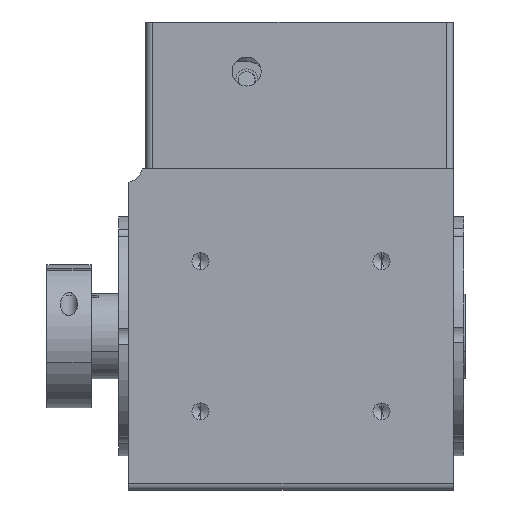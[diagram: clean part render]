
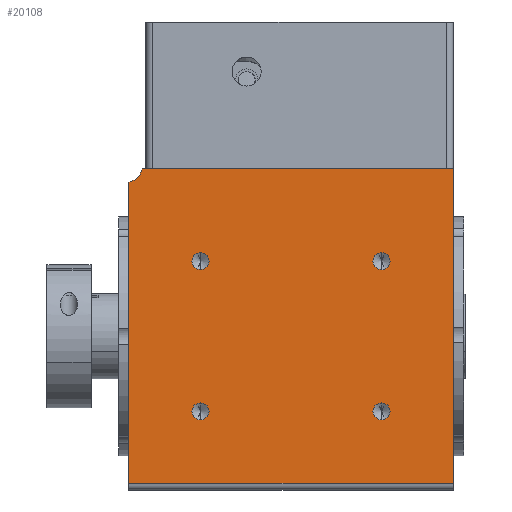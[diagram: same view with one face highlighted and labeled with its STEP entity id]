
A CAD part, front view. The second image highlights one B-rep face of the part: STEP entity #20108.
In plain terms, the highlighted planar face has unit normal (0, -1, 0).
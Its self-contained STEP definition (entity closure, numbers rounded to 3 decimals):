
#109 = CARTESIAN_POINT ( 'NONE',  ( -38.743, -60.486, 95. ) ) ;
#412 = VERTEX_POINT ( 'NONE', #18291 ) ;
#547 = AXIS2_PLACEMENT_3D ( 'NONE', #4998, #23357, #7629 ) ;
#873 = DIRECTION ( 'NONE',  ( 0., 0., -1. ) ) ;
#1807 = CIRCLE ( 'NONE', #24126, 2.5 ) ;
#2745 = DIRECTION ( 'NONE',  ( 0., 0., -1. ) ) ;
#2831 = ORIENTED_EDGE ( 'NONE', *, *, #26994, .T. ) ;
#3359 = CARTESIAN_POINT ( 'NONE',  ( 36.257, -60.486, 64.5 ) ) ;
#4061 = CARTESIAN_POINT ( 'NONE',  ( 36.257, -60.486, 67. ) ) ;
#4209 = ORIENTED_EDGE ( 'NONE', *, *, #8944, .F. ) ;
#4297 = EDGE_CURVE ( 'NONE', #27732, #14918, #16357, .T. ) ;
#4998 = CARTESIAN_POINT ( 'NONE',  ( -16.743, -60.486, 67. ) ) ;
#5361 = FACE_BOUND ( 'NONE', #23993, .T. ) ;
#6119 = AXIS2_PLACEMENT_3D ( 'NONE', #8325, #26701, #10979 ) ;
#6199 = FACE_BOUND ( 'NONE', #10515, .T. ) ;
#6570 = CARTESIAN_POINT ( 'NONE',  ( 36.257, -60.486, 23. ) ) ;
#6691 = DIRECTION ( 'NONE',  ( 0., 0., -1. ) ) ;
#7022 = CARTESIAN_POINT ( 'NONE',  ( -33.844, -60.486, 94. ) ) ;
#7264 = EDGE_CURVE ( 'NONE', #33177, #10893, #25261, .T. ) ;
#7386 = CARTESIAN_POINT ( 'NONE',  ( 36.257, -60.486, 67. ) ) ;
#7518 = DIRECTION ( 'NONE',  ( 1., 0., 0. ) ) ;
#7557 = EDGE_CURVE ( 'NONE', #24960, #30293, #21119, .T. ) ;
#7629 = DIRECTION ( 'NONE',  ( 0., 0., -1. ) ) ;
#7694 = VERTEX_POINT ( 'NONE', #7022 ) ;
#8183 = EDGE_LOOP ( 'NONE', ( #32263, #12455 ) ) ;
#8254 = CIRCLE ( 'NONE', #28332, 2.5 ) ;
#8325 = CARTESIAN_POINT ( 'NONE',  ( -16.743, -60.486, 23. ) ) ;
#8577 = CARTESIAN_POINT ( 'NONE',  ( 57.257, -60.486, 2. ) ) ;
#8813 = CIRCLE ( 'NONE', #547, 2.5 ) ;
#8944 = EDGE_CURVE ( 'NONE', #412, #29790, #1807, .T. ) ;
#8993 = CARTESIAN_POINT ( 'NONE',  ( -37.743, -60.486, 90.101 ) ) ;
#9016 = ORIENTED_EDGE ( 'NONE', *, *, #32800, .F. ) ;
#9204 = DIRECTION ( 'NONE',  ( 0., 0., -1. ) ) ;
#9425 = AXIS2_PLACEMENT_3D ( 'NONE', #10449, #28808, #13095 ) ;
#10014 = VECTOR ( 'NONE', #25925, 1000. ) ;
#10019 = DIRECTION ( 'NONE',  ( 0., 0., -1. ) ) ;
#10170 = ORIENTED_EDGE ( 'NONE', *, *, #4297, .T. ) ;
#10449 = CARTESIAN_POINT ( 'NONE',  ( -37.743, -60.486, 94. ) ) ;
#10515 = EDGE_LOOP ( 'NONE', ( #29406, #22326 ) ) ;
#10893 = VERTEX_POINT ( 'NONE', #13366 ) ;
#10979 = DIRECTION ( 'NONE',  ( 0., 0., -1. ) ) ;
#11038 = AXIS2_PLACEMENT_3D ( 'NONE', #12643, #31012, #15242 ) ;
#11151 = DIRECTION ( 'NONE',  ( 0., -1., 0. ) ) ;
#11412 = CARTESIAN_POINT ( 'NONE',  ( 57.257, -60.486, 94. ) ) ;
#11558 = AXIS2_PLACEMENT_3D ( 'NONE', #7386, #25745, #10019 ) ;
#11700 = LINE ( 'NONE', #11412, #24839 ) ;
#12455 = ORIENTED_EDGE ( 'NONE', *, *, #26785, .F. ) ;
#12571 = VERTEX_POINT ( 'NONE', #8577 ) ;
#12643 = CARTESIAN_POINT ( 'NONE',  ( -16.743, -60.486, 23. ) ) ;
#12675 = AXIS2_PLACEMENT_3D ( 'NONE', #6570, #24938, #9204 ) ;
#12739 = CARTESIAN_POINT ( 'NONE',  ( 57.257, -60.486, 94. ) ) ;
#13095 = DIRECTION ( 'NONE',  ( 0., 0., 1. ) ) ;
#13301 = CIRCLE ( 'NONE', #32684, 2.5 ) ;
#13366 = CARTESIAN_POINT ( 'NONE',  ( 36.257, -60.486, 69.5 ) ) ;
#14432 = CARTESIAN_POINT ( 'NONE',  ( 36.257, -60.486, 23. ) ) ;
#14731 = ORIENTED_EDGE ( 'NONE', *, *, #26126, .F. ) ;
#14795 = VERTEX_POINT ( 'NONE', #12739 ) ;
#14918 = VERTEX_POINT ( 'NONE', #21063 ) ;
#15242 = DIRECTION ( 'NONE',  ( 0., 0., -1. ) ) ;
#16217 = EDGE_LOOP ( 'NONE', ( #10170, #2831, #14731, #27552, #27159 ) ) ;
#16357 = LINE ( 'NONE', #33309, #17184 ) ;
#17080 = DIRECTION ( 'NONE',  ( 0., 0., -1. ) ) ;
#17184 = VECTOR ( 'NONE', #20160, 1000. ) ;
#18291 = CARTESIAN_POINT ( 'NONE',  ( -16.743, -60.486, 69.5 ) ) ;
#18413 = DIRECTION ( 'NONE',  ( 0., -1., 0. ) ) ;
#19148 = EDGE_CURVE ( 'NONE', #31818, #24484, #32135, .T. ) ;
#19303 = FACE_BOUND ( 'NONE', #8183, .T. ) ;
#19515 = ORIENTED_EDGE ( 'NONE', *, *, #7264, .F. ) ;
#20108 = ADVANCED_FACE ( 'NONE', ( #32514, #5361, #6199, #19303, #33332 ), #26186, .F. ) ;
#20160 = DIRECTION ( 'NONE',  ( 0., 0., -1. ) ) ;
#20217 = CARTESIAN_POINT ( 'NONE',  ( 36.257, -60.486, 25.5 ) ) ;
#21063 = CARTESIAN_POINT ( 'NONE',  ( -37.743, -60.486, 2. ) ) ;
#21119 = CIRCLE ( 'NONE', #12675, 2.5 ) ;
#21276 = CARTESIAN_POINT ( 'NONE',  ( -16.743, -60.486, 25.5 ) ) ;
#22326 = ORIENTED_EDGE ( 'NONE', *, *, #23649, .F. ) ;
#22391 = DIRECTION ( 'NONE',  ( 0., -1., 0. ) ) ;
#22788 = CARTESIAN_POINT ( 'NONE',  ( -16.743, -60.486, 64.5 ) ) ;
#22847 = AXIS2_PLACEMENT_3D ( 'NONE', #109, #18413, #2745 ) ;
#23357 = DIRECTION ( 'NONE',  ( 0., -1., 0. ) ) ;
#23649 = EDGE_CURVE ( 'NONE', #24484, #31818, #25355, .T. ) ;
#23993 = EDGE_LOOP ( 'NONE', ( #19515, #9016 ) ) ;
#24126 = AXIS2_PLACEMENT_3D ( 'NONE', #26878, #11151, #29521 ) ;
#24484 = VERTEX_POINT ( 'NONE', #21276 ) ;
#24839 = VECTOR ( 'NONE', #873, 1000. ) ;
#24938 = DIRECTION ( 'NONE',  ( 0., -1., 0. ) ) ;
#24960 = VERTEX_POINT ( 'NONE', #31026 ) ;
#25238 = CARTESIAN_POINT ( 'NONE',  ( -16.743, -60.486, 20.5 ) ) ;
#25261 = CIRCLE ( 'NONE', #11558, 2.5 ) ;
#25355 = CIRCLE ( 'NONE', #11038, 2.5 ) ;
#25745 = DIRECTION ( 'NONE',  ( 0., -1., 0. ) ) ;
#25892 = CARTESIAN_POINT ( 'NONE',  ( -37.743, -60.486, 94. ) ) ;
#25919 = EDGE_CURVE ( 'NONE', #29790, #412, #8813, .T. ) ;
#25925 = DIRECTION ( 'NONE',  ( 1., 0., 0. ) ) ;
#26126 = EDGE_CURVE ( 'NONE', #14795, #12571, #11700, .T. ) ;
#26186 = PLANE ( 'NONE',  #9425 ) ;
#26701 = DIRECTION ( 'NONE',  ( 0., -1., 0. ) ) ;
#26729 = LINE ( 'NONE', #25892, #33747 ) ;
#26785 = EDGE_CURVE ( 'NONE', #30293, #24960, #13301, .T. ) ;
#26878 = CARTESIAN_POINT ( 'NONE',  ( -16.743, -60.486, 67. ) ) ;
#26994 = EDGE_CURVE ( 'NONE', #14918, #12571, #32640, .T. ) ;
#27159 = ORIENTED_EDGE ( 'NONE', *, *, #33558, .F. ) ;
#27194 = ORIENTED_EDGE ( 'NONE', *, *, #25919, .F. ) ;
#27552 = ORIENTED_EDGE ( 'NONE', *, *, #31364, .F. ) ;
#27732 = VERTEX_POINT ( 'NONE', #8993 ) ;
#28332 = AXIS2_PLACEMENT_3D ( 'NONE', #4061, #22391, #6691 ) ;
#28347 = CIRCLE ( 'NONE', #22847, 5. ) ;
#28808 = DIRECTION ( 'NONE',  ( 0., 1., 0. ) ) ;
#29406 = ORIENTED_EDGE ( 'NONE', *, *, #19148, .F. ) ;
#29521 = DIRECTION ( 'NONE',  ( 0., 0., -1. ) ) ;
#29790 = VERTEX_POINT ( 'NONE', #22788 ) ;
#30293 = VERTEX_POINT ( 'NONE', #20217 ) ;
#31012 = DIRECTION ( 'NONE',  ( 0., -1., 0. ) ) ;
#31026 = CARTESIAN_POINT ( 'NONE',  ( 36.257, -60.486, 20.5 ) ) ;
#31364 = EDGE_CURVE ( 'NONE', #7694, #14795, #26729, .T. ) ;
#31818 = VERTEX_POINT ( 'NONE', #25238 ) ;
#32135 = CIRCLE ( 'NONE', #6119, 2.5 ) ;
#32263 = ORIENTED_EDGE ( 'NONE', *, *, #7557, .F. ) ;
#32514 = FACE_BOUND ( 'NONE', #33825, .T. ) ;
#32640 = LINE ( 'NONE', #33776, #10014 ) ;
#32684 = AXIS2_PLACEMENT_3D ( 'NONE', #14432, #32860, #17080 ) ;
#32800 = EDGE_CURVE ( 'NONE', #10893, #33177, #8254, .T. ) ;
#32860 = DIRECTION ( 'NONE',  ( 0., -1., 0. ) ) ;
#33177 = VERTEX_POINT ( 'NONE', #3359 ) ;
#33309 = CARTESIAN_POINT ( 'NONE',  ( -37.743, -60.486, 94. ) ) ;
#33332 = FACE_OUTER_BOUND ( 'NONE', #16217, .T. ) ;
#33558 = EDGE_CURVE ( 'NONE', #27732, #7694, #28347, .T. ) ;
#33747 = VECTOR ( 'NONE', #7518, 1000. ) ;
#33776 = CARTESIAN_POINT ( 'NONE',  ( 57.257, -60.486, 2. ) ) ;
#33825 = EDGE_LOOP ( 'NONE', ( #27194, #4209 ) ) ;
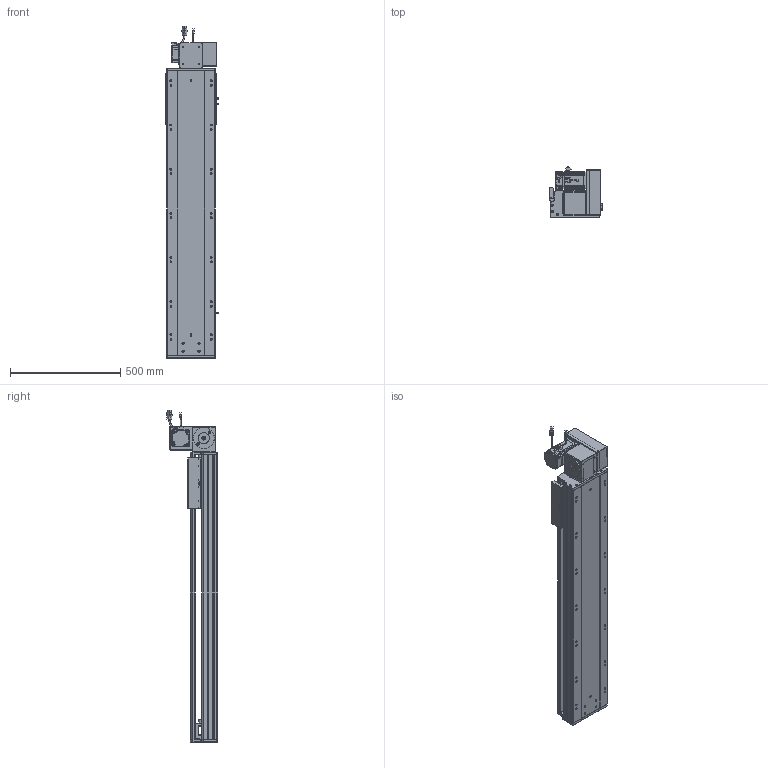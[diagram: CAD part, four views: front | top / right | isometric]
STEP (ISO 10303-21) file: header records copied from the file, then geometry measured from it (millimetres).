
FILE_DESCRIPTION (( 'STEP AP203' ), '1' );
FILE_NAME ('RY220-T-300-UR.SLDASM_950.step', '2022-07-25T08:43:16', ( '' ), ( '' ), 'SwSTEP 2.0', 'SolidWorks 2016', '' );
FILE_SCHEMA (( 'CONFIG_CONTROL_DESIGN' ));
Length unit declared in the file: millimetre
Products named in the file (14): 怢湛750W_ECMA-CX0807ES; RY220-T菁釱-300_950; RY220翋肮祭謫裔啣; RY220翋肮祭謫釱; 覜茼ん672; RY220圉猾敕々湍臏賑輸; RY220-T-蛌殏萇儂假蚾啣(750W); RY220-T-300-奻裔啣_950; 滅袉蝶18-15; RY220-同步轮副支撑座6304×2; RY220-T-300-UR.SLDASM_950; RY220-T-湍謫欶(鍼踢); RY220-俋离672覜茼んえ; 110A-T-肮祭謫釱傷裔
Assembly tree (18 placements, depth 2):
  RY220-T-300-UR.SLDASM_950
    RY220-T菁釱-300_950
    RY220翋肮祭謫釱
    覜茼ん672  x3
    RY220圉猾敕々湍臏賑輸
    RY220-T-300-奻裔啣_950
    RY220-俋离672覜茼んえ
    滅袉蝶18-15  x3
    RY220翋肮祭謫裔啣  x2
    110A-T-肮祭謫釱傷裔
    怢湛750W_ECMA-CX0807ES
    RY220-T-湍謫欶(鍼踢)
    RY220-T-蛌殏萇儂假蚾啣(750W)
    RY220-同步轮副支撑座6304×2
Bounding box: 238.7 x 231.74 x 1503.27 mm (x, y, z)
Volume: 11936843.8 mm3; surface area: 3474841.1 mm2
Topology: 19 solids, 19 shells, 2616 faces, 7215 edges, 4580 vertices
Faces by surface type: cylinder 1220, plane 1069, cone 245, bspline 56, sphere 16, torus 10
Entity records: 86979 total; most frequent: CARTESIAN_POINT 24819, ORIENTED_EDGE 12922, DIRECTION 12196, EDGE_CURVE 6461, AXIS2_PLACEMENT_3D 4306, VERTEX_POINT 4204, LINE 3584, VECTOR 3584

■ **Description of the task**
Find where the line with "#22391 = DIRECTION" sits in the material above, then copy exactly from it through the line with "#25925 = DIRECTION". Add no other line.

■ **Reply to the task**
#22391 = DIRECTION ( 'NONE',  ( 0., -1., 0. ) ) ;
#22788 = CARTESIAN_POINT ( 'NONE',  ( -16.743, -60.486, 64.5 ) ) ;
#22847 = AXIS2_PLACEMENT_3D ( 'NONE', #109, #18413, #2745 ) ;
#23357 = DIRECTION ( 'NONE',  ( 0., -1., 0. ) ) ;
#23649 = EDGE_CURVE ( 'NONE', #24484, #31818, #25355, .T. ) ;
#23993 = EDGE_LOOP ( 'NONE', ( #19515, #9016 ) ) ;
#24126 = AXIS2_PLACEMENT_3D ( 'NONE', #26878, #11151, #29521 ) ;
#24484 = VERTEX_POINT ( 'NONE', #21276 ) ;
#24839 = VECTOR ( 'NONE', #873, 1000. ) ;
#24938 = DIRECTION ( 'NONE',  ( 0., -1., 0. ) ) ;
#24960 = VERTEX_POINT ( 'NONE', #31026 ) ;
#25238 = CARTESIAN_POINT ( 'NONE',  ( -16.743, -60.486, 20.5 ) ) ;
#25261 = CIRCLE ( 'NONE', #11558, 2.5 ) ;
#25355 = CIRCLE ( 'NONE', #11038, 2.5 ) ;
#25745 = DIRECTION ( 'NONE',  ( 0., -1., 0. ) ) ;
#25892 = CARTESIAN_POINT ( 'NONE',  ( -37.743, -60.486, 94. ) ) ;
#25919 = EDGE_CURVE ( 'NONE', #29790, #412, #8813, .T. ) ;
#25925 = DIRECTION ( 'NONE',  ( 1., 0., 0. ) ) ;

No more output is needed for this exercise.